2. Plaintiff's § 1983 action is Subject to the Heck Bar

Even if Plaintiff were able to plausibly allege that the Defendants were state actors, Plaintiff's action is barred pursuant to the Heck doctrine. In Heck v. Humphrey, the Supreme Court held that a plaintiff may not recover damages under 42 U.S.C. § 1983 for "allegedly unconstitutional conviction or imprisonment, or for other harm caused by actions whose unlawfulness would render a conviction or sentence invalid, " unless he first proved that the conviction or sentence has been "reversed on direct appeal, expunged by executive order, declared invalid by a state tribunal authorized to make such determination, or called into question by a federal court's issuance of a writ of habeas corpus, 28 U.S.C. § 2254." Heck v. Humphrey, 512 U.S. 477, 486-487 (1994). The Heck bar was again addressed by the Supreme Court in Wilkinson v. Dotson, 544 U.S. 74 (2005). The Court reiterated that a § 1983 action was not cognizable if success in the action would necessarily demonstrate the invalidity of an outstanding criminal judgment, conviction or sentence. Wilkinson, 544 U.S. at 81-82. Wilkinson further clarified that although Heck dealt with a § 1983 suit for damages, the Heck bar applies to § 1983 actions "no matter the relief sought (damages or equitable relief)... if success in that action would necessarily demonstrate the invalidity of confinement or its duration." Id. (emphasis in original).

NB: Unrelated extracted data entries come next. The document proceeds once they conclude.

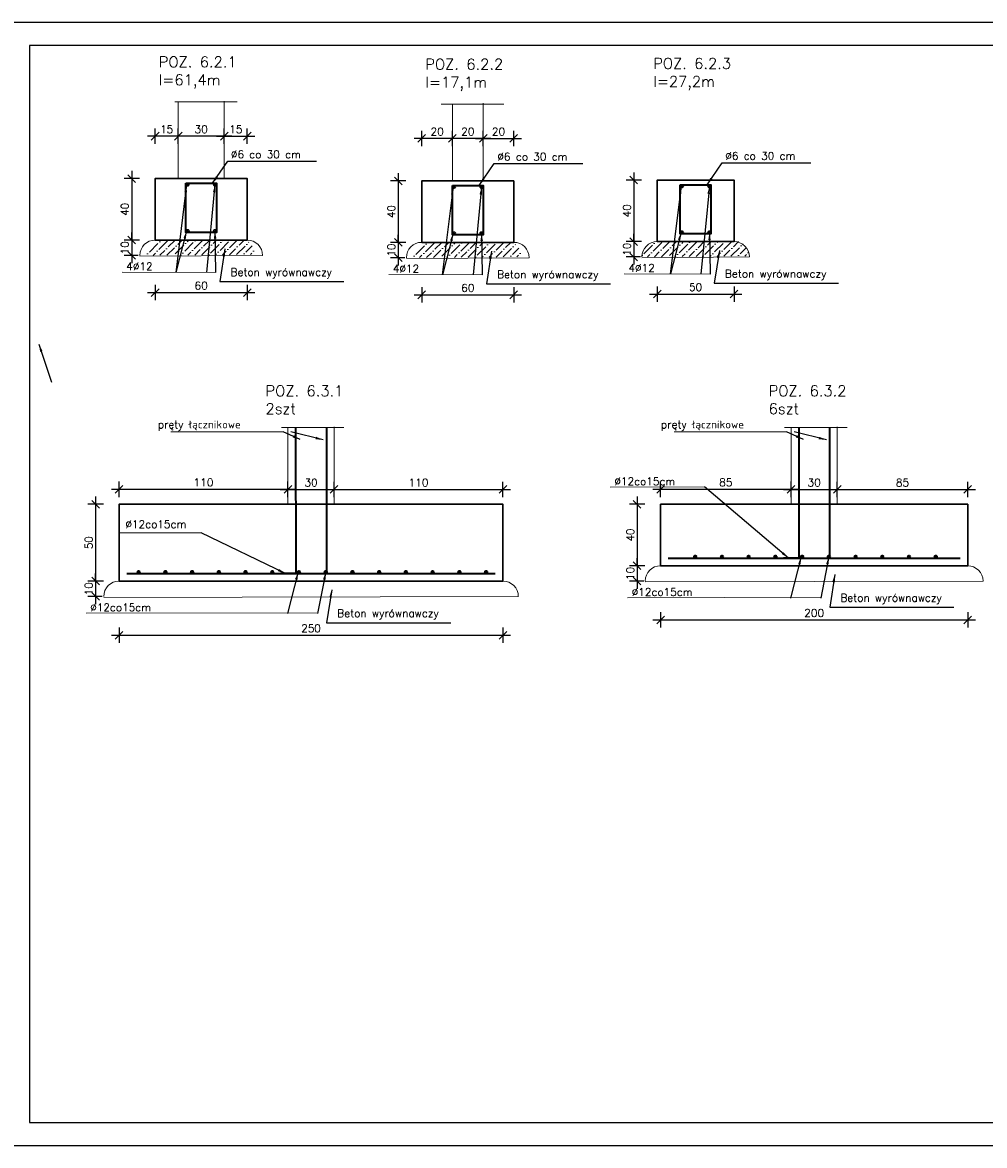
# Model space of a CAD drawing. Extents: x -19 to 9300416, y -12 to 10688993.
# Tile 47 of 106: x 4614743 to 4615369, y 5313450 to 5314181. Entities that reach past the tile are written whole.
import ezdxf

# ---------------------------------------------------------------- set-up
doc = ezdxf.new("R2010")
doc.units = 0
doc.header["$MEASUREMENT"] = 0
for name, color, linetype, lineweight in [('bonie', 9, 'Continuous', 5), ('K-OPISY', 252, 'Continuous', 15), ('K-SCIANY CIENKI', 163, 'Continuous', 30), ('K-STAL', 114, 'Continuous', 50), ('K-STAL CIENKI', 92, 'Continuous', 35), ('K-WIDOK', 45, 'Continuous', 20), ('K-WYMIARY', 7, 'Continuous', 15)]:
    doc.layers.add(name, color=color, linetype=linetype, lineweight=lineweight)
doc.styles.add('Simplex', font='simplex.shx')
doc.dimstyles.new('1do20', dxfattribs={"dimscale": 2, "dimtxt": 2.5, "dimasz": 2.5, "dimexe": 2.5, "dimexo": 0.5, "dimgap": 1, "dimtad": 1, "dimdec": 1, "dimrnd": 0.5, "dimzin": 12, "dimdsep": 46, "dimtxsty": 'Simplex', "dimblk": 'OBLIQUE', "dimcen": 0.5, "dimdle": 2.5, "dimclrd": 256, "dimclre": 256, "dimclrt": 256, "dimadec": 1, "dimazin": 3, "dimtfac": 1, "dimtdec": 1, "dimtix": 1, "dimtmove": 0, "dimatfit": 3, "dimfxl": 0, "dimtolj": 1, "dimtzin": 0, "dimarcsym": 0})

# ---------------------------------------------------------------- blocks, each defined once
blk = doc.blocks.new('_Oblique')
at = {"color": 0, "linetype": 'ByBlock', "lineweight": -2}
blk.add_line((-0.5, -0.5), (0.5, 0.5), dxfattribs=at)
blk = doc.blocks.new('*D1918')
at = {"layer": 'Defpoints', "color": 0, "lineweight": 0}
for p in [(4614829.2, 5314079.41), (4614813.94, 5314039.41), (4614829.2, 5314039.41)]:
    blk.add_point(p, dxfattribs=at)
at = {"layer": 'K-WYMIARY', "lineweight": -2}
for p, q in [((4614818.94, 5314079.41), (4614808.94, 5314079.41)), ((4614813.94, 5314084.41), (4614813.94, 5314034.41)), ((4614818.94, 5314039.41), (4614808.94, 5314039.41))]:
    blk.add_line(p, q, dxfattribs=at)
at = {"layer": 'K-WYMIARY', "lineweight": -2, "xscale": 5, "yscale": 5, "zscale": 5}
for p, rotation in [((4614813.94, 5314079.41), 90), ((4614813.94, 5314039.41), 270)]:
    blk.add_blockref('_Oblique', p, dxfattribs=dict(at, rotation=rotation))
at = {"layer": 'K-WYMIARY', "insert": (4614809.44, 5314059.41), "char_height": 5, "attachment_point": 5, "rotation": 90, "style": 'Simplex'}
blk.add_mtext('\\A1;40', dxfattribs=at)
blk = doc.blocks.new('*D1919')
at = {"layer": 'Defpoints', "color": 0, "lineweight": 0}
for p in [(4614829.2, 5314039.41), (4614813.94, 5314029.41), (4614819.2, 5314029.41)]:
    blk.add_point(p, dxfattribs=at)
at = {"layer": 'K-WYMIARY', "lineweight": -2}
for p, q in [((4614813.94, 5314039.41), (4614813.94, 5314044.41)), ((4614818.94, 5314039.41), (4614808.94, 5314039.41)), ((4614813.94, 5314039.41), (4614813.94, 5314029.41)), ((4614818.2, 5314029.41), (4614808.94, 5314029.41)), ((4614813.94, 5314029.41), (4614813.94, 5314024.41))]:
    blk.add_line(p, q, dxfattribs=at)
at = {"layer": 'K-WYMIARY', "lineweight": -2, "xscale": 5, "yscale": 5, "zscale": 5}
for p, rotation in [((4614813.94, 5314039.41), 270), ((4614813.94, 5314029.41), 90)]:
    blk.add_blockref('_Oblique', p, dxfattribs=dict(at, rotation=rotation))
at = {"layer": 'K-WYMIARY', "insert": (4614809.44, 5314034.41), "char_height": 5, "attachment_point": 5, "rotation": 90, "style": 'Simplex'}
blk.add_mtext('\\A1;10', dxfattribs=at)
blk = doc.blocks.new('*D1920')
at = {"layer": 'Defpoints', "color": 0, "lineweight": 0}
for p in [(4614829.2, 5314039.41), (4614889.17, 5314039.41), (4614889.17, 5314005.26)]:
    blk.add_point(p, dxfattribs=at)
at = {"layer": 'K-WYMIARY', "lineweight": -2}
for p, q in [((4614824.2, 5314005.26), (4614894.17, 5314005.26)), ((4614829.2, 5314010.26), (4614829.2, 5314000.26)), ((4614889.17, 5314010.26), (4614889.17, 5314000.26))]:
    blk.add_line(p, q, dxfattribs=at)
at = {"layer": 'K-WYMIARY', "lineweight": -2, "xscale": 5, "yscale": 5, "zscale": 5, "rotation": 180}
blk.add_blockref('_Oblique', (4614829.2, 5314005.26), dxfattribs=at)
at = {"layer": 'K-WYMIARY', "lineweight": -2, "xscale": 5, "yscale": 5, "zscale": 5}
blk.add_blockref('_Oblique', (4614889.17, 5314005.26), dxfattribs=at)
at = {"layer": 'K-WYMIARY', "insert": (4614859.19, 5314009.76), "char_height": 5, "attachment_point": 5, "style": 'Simplex'}
blk.add_mtext('\\A1;60', dxfattribs=at)
blk = doc.blocks.new('*D1921')
at = {"layer": 'Defpoints', "color": 0, "lineweight": 0}
for p in [(4614889.17, 5314107.02), (4614874.23, 5314079.41), (4614889.17, 5314079.41)]:
    blk.add_point(p, dxfattribs=at)
at = {"layer": 'K-WYMIARY', "lineweight": -2}
for p, q in [((4614869.23, 5314107.02), (4614894.17, 5314107.02)), ((4614874.23, 5314102.02), (4614874.23, 5314112.02)), ((4614889.17, 5314102.02), (4614889.17, 5314112.02))]:
    blk.add_line(p, q, dxfattribs=at)
at = {"layer": 'K-WYMIARY', "lineweight": -2, "xscale": 5, "yscale": 5, "zscale": 5, "rotation": 180}
blk.add_blockref('_Oblique', (4614874.23, 5314107.02), dxfattribs=at)
at = {"layer": 'K-WYMIARY', "lineweight": -2, "xscale": 5, "yscale": 5, "zscale": 5}
blk.add_blockref('_Oblique', (4614889.17, 5314107.02), dxfattribs=at)
at = {"layer": 'K-WYMIARY', "insert": (4614881.7, 5314111.52), "char_height": 5, "attachment_point": 5, "style": 'Simplex'}
blk.add_mtext('\\A1;15', dxfattribs=at)
blk = doc.blocks.new('*D1916')
at = {"layer": 'Defpoints', "color": 0, "lineweight": 0}
for p in [(4614844.2, 5314107.02), (4614844.2, 5314079.41), (4614874.23, 5314079.41)]:
    blk.add_point(p, dxfattribs=at)
at = {"layer": 'K-WYMIARY', "lineweight": -2}
for p, q in [((4614879.23, 5314107.02), (4614839.2, 5314107.02)), ((4614844.2, 5314102.02), (4614844.2, 5314112.02)), ((4614874.23, 5314102.02), (4614874.23, 5314112.02))]:
    blk.add_line(p, q, dxfattribs=at)
at = {"layer": 'K-WYMIARY', "lineweight": -2, "xscale": 5, "yscale": 5, "zscale": 5, "rotation": 180}
blk.add_blockref('_Oblique', (4614844.2, 5314107.02), dxfattribs=at)
at = {"layer": 'K-WYMIARY', "lineweight": -2, "xscale": 5, "yscale": 5, "zscale": 5}
blk.add_blockref('_Oblique', (4614874.23, 5314107.02), dxfattribs=at)
at = {"layer": 'K-WYMIARY', "insert": (4614859.21, 5314111.52), "char_height": 5, "attachment_point": 5, "style": 'Simplex'}
blk.add_mtext('\\A1;30', dxfattribs=at)
blk = doc.blocks.new('*D1917')
at = {"layer": 'Defpoints', "color": 0, "lineweight": 0}
for p in [(4614829.2, 5314107.02), (4614829.2, 5314079.41), (4614844.2, 5314079.41)]:
    blk.add_point(p, dxfattribs=at)
at = {"layer": 'K-WYMIARY', "lineweight": -2}
for p, q in [((4614849.2, 5314107.02), (4614824.2, 5314107.02)), ((4614829.2, 5314102.02), (4614829.2, 5314112.02)), ((4614844.2, 5314102.02), (4614844.2, 5314112.02))]:
    blk.add_line(p, q, dxfattribs=at)
at = {"layer": 'K-WYMIARY', "lineweight": -2, "xscale": 5, "yscale": 5, "zscale": 5, "rotation": 180}
blk.add_blockref('_Oblique', (4614829.2, 5314107.02), dxfattribs=at)
at = {"layer": 'K-WYMIARY', "lineweight": -2, "xscale": 5, "yscale": 5, "zscale": 5}
blk.add_blockref('_Oblique', (4614844.2, 5314107.02), dxfattribs=at)
at = {"layer": 'K-WYMIARY', "insert": (4614836.7, 5314111.52), "char_height": 5, "attachment_point": 5, "style": 'Simplex'}
blk.add_mtext('\\A1;15', dxfattribs=at)
blk = doc.blocks.new('*D1922')
at = {"layer": 'Defpoints', "color": 0, "lineweight": 0}
for p in [(4615156.15, 5314078.39), (4615140.89, 5314038.39), (4615156.15, 5314038.39)]:
    blk.add_point(p, dxfattribs=at)
at = {"layer": 'K-WYMIARY', "lineweight": -2}
for p, q in [((4615145.89, 5314078.39), (4615135.89, 5314078.39)), ((4615140.89, 5314083.39), (4615140.89, 5314033.39)), ((4615145.89, 5314038.39), (4615135.89, 5314038.39))]:
    blk.add_line(p, q, dxfattribs=at)
at = {"layer": 'K-WYMIARY', "lineweight": -2, "xscale": 5, "yscale": 5, "zscale": 5}
for p, rotation in [((4615140.89, 5314078.39), 90), ((4615140.89, 5314038.39), 270)]:
    blk.add_blockref('_Oblique', p, dxfattribs=dict(at, rotation=rotation))
at = {"layer": 'K-WYMIARY', "insert": (4615136.39, 5314058.39), "char_height": 5, "attachment_point": 5, "rotation": 90, "style": 'Simplex'}
blk.add_mtext('\\A1;40', dxfattribs=at)
blk = doc.blocks.new('*D1923')
at = {"layer": 'Defpoints', "color": 0, "lineweight": 0}
for p in [(4615156.15, 5314038.39), (4615140.89, 5314028.39), (4615146.15, 5314028.39)]:
    blk.add_point(p, dxfattribs=at)
at = {"layer": 'K-WYMIARY', "lineweight": -2}
for p, q in [((4615140.89, 5314038.39), (4615140.89, 5314043.39)), ((4615145.89, 5314038.39), (4615135.89, 5314038.39)), ((4615140.89, 5314038.39), (4615140.89, 5314028.39)), ((4615145.15, 5314028.39), (4615135.89, 5314028.39)), ((4615140.89, 5314028.39), (4615140.89, 5314023.39))]:
    blk.add_line(p, q, dxfattribs=at)
at = {"layer": 'K-WYMIARY', "lineweight": -2, "xscale": 5, "yscale": 5, "zscale": 5}
for p, rotation in [((4615140.89, 5314038.39), 270), ((4615140.89, 5314028.39), 90)]:
    blk.add_blockref('_Oblique', p, dxfattribs=dict(at, rotation=rotation))
at = {"layer": 'K-WYMIARY', "insert": (4615136.39, 5314033.39), "char_height": 5, "attachment_point": 5, "rotation": 90, "style": 'Simplex'}
blk.add_mtext('\\A1;10', dxfattribs=at)
blk = doc.blocks.new('*D1924')
at = {"layer": 'Defpoints', "color": 0, "lineweight": 0}
for p in [(4615156.15, 5314038.39), (4615206.13, 5314038.39), (4615206.13, 5314004.23)]:
    blk.add_point(p, dxfattribs=at)
at = {"layer": 'K-WYMIARY', "lineweight": -2}
for p, q in [((4615156.15, 5314009.23), (4615156.15, 5313999.23)), ((4615206.13, 5314009.23), (4615206.13, 5313999.23)), ((4615151.15, 5314004.23), (4615211.13, 5314004.23))]:
    blk.add_line(p, q, dxfattribs=at)
at = {"layer": 'K-WYMIARY', "lineweight": -2, "xscale": 5, "yscale": 5, "zscale": 5, "rotation": 180}
blk.add_blockref('_Oblique', (4615156.15, 5314004.23), dxfattribs=at)
at = {"layer": 'K-WYMIARY', "lineweight": -2, "xscale": 5, "yscale": 5, "zscale": 5}
blk.add_blockref('_Oblique', (4615206.13, 5314004.23), dxfattribs=at)
at = {"layer": 'K-WYMIARY', "insert": (4615181.14, 5314008.73), "char_height": 5, "attachment_point": 5, "style": 'Simplex'}
blk.add_mtext('\\A1;50', dxfattribs=at)
blk = doc.blocks.new('*D1937')
at = {"layer": 'Defpoints', "color": 0, "lineweight": 0}
for p in [(4615002.78, 5314077.91), (4614987.51, 5314037.91), (4615002.78, 5314037.91)]:
    blk.add_point(p, dxfattribs=at)
at = {"layer": 'K-WYMIARY', "lineweight": -2}
for p, q in [((4614992.51, 5314077.91), (4614982.51, 5314077.91)), ((4614987.51, 5314082.91), (4614987.51, 5314032.91)), ((4614992.51, 5314037.91), (4614982.51, 5314037.91))]:
    blk.add_line(p, q, dxfattribs=at)
at = {"layer": 'K-WYMIARY', "lineweight": -2, "xscale": 5, "yscale": 5, "zscale": 5}
for p, rotation in [((4614987.51, 5314077.91), 90), ((4614987.51, 5314037.91), 270)]:
    blk.add_blockref('_Oblique', p, dxfattribs=dict(at, rotation=rotation))
at = {"layer": 'K-WYMIARY', "insert": (4614983.01, 5314057.91), "char_height": 5, "attachment_point": 5, "rotation": 90, "style": 'Simplex'}
blk.add_mtext('\\A1;40', dxfattribs=at)
blk = doc.blocks.new('*D1938')
at = {"layer": 'Defpoints', "color": 0, "lineweight": 0}
for p in [(4615002.78, 5314037.91), (4614987.51, 5314027.91), (4614992.78, 5314027.91)]:
    blk.add_point(p, dxfattribs=at)
at = {"layer": 'K-WYMIARY', "lineweight": -2}
for p, q in [((4614987.51, 5314037.91), (4614987.51, 5314042.91)), ((4614992.51, 5314037.91), (4614982.51, 5314037.91)), ((4614987.51, 5314037.91), (4614987.51, 5314027.91)), ((4614991.78, 5314027.91), (4614982.51, 5314027.91)), ((4614987.51, 5314027.91), (4614987.51, 5314022.91))]:
    blk.add_line(p, q, dxfattribs=at)
at = {"layer": 'K-WYMIARY', "lineweight": -2, "xscale": 5, "yscale": 5, "zscale": 5}
for p, rotation in [((4614987.51, 5314037.91), 270), ((4614987.51, 5314027.91), 90)]:
    blk.add_blockref('_Oblique', p, dxfattribs=dict(at, rotation=rotation))
at = {"layer": 'K-WYMIARY', "insert": (4614983.01, 5314032.91), "char_height": 5, "attachment_point": 5, "rotation": 90, "style": 'Simplex'}
blk.add_mtext('\\A1;10', dxfattribs=at)
blk = doc.blocks.new('*D1939')
at = {"layer": 'Defpoints', "color": 0, "lineweight": 0}
for p in [(4615002.78, 5314037.91), (4615062.75, 5314037.91), (4615062.75, 5314003.75)]:
    blk.add_point(p, dxfattribs=at)
at = {"layer": 'K-WYMIARY', "lineweight": -2}
for p, q in [((4615002.78, 5314008.75), (4615002.78, 5313998.75)), ((4615062.75, 5314008.75), (4615062.75, 5313998.75)), ((4614997.78, 5314003.75), (4615067.75, 5314003.75))]:
    blk.add_line(p, q, dxfattribs=at)
at = {"layer": 'K-WYMIARY', "lineweight": -2, "xscale": 5, "yscale": 5, "zscale": 5, "rotation": 180}
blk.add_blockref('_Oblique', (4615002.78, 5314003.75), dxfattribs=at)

Plaintiff seeks an injunction regarding his "illegal plea" as well monetary damages for his "preventable incarceration." Doc. 1 at 4. Although, the procedural history of Plaintiff's criminal case is not entirely clear from the complaint, Plaintiff may not bring a § 1983 action that would call into question the validity of his conviction or sentence until such time as he can prove that the conviction or sentence has been reversed on direct appeal or undermined by the issuance of writ of habeas corpus. Accordingly, given the posture of Plaintiff's criminal case, he cannot presently state a cognizable claim under § 1983.[2]

3. The Deficiencies in Plaintiff's Complaint Cannot be Cured by Amendment

Finally, the deficiencies in Plaintiff's complaint cannot be cured by amendment. Not only is Plaintiff barred from proceeding until his conviction and/or sentence are overturned, Plaintiff cannot cure the deficiencies in his claim against his attorneys and investigator by alleging additional facts. Regarding his § 1983 claim, it is a matter of settled law that the Defendants, in representing Plaintiff in his criminal action, are not state actors. Thus, this deficiency in the complaint cannot be remedied by supplying additional facts concerning the quality of Defendants' representation of Plaintiff. Therefore, the Court RECOMMENDS that Plaintiff's complaint be dismissed without leave to amend.


For the reasons set forth above, the Court recommends that Plaintiff's complaint be DISMISSED WITHOUT LEAVE TO AMEND for failure to state a cognizable claim.

These findings and recommendations are submitted to the District Court Judge assigned to this case pursuant to 28 U.S.C. § 636(b)(1)(B). Within thirty (30) days after the date of these Findings and Recommendation, the parties may file written objections with the Court. The document should be captioned "Objections to Magistrate Judge's Findings and Recommendation." The parties are advised that failure to file objections within the specified time may waive the right to appeal the District Court's order. Martinez v. Ylst, 951 F.2d 1153 (9th Cir. 1991).